The JSON parser supports multiple roots. For example:

gsqlcmd convert test.json test.csv /rootPath=root.parent.f1,root.parent.f2 /quoteChar=

F1;F2
data11;data12
data21;data22
data31;data32

You can use * instead of node names:

gsqlcmd convert test.json test.csv /rootPath=*.f1,*.f2 /quoteChar=

Check the Downloading and converting to CSV folder in the gsqlcmd package for ready-to-use samples.

Here are some options for customizing the parser:

/keptNodes=<node>[;...]
/requiredColumns=<name>[;...]
/skippedNodes=<node>[;...]

Parsing Plain Text

gsqlcmd can extract data from plain text files if the text contains recognizable columns, like this:

id  f1      f2
1   data11  data12
2   data21  data22
3   data31  data32

Use the convert command to extract data:

gsqlcmd convert test.txt test.csv

The resulting test.csv will look like this:

id;"f1";"f2"
1;"data11";"data12"
2;"data21";"data22"
3;"data31";"data32"

You can also use Microsoft ODBC and OLE DB text drivers to select and convert plain text data.

First, update the schema.ini file using the make-ini command:

gsqlcmd make-ini test.txt schema.ini

Then, use the exec command to select data:

gsqlcmd exec test.txt "SELECT * FROM test.txt" test.csv

You can use SQL-supported features like WHERE or GROUP in these commands.

Parsing CSV

gsqlcmd allows you to extract data from CSV files and convert it to any supported output format.
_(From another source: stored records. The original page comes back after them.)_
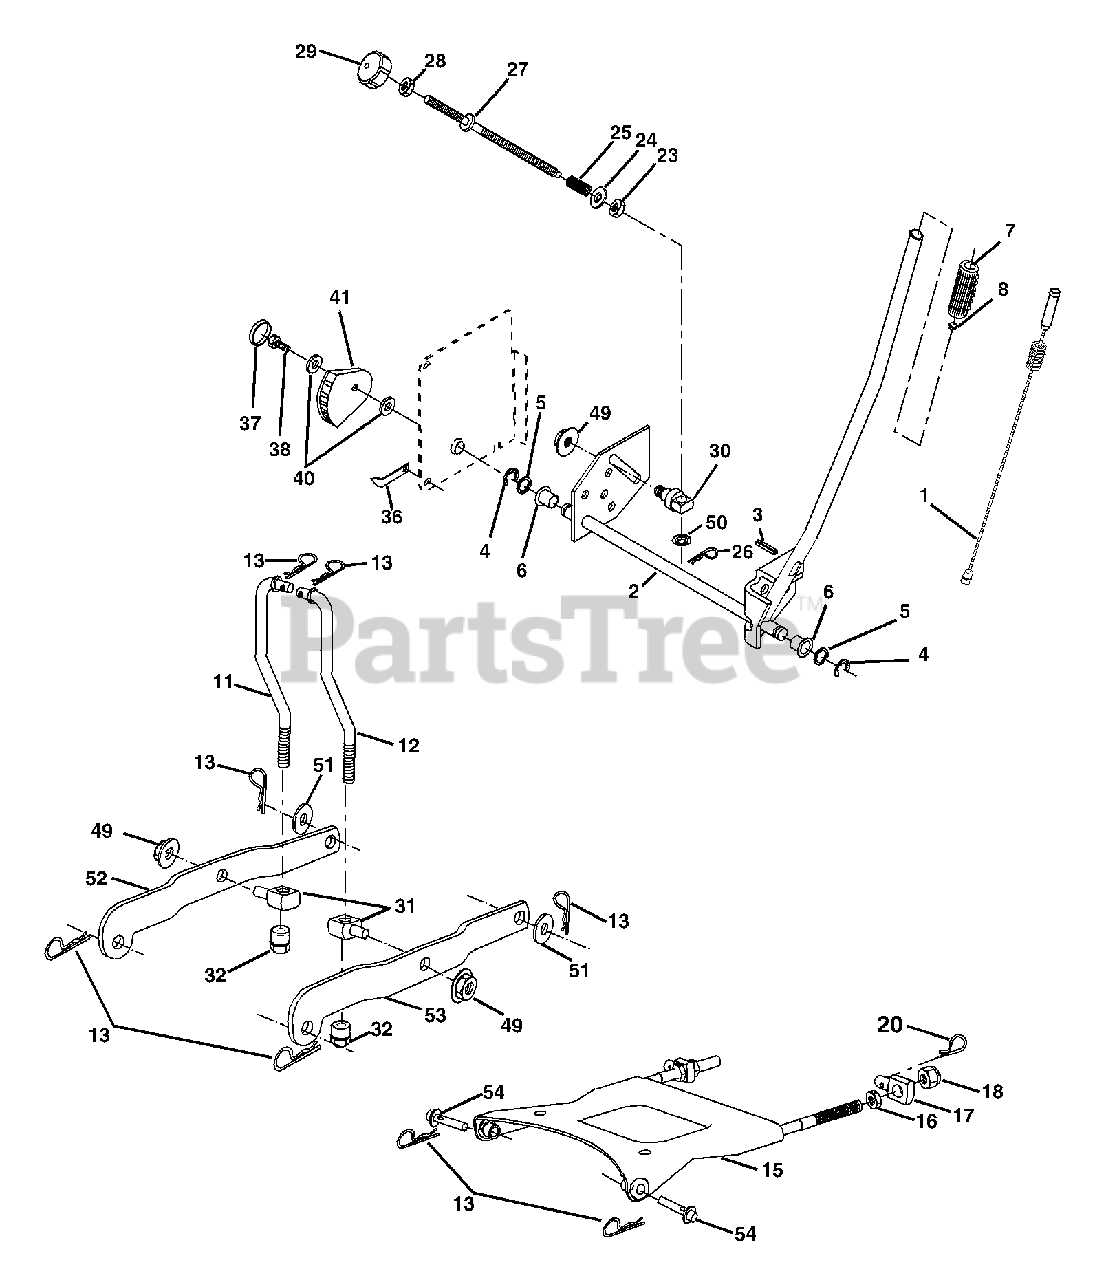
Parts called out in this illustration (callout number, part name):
1	Wire Asm Inner/Spring W/Plunger LT
2	Shaft Asm Lift RH w/Inf
3	Pin Groove 1 500 Zinc
4	E Ring #5133-62
5	Washer 21/32 x 1 x 21 Ga
6	Bearing Nylon Blk 629 Id
7	Grip Handle Fluted Blk
8	Button Plunger Black
11	Link Lift LH
12	Link Lift RH
13	Retainer Spring
15	Plate Asm Susp Front
16	Nut Jam Hex 1/2-13 unc
18	Nut Lock w/Wsh 1/2-13 unc
20	Retainer Spring
23	Nut Special
24	Washer 13/32 x 5/8 x 16 Ga.
25	Spring 2-1/8"
26	Retainer Clip
27	Rod Adj Lift Zinc 7.49 Wrk Lg
28	Nut Hex Jam 3/8-16 unc
29	Knob Inf 3/8-16 Unc Blk W/sym
30	Trunnion Infin Height
32	Nut Lift Link 7/16-20
36	Indicator Height STLT
37	Plug Hole Blk 1.485/1.515 Dia.
38	Screw 5/16-18 x 1
40	Washer 11/32 x 1-1/2 10 Ga.
41	Scale Ind. Height Blk.
49	Nut Hex Flange Lock
50	Nut, Push Phos & Oil
51	Washer 17/32 x 7/8 x 16 Ga.
52	Arm Susp. Rear Lh
53	Arm Susp. Rear Rh
54	Pin Flange

Here are some useful formatting options:

/add=<header>=<value | function>[;...]
/addRowNum
/dateFormat=<format>
/dateTimeFormat=<format>
/escapeChar=<char>
/noBOM
/outputCodepage=<codepage>
/outputCulture=<name>
/[outputFormat=]asText | asTxt | asCsv | asHtm | asHtml | asXml | asJson
/[[output]Separator](formatting-options.md#option-outputSeparator)=<separator> | Tab
/quoteChar=<char>
/rowNumBase=<integer>
/timeFormat=<format>

For example, to add new columns like Symbol and Date, and convert the output file to UTF-8 encoding, use:

gsqlcmd convert test.csv test-65001.csv /outputEncoding=65001 /add=Symbol=AAPL;Date=Date()

You can also use Microsoft ODBC and OLE DB text drivers to select and convert CSV data.

First, update the schema.ini file using the make-ini command:

gsqlcmd make-ini test.csv schema.ini

Then, use the exec command to select data:

gsqlcmd exec test.csv "SELECT 'AAPL' AS Symbol, :date AS [Date], * FROM test.csv" output.csv /set=date=Date()

You can use SQL-supported features like WHERE or GROUP in these commands.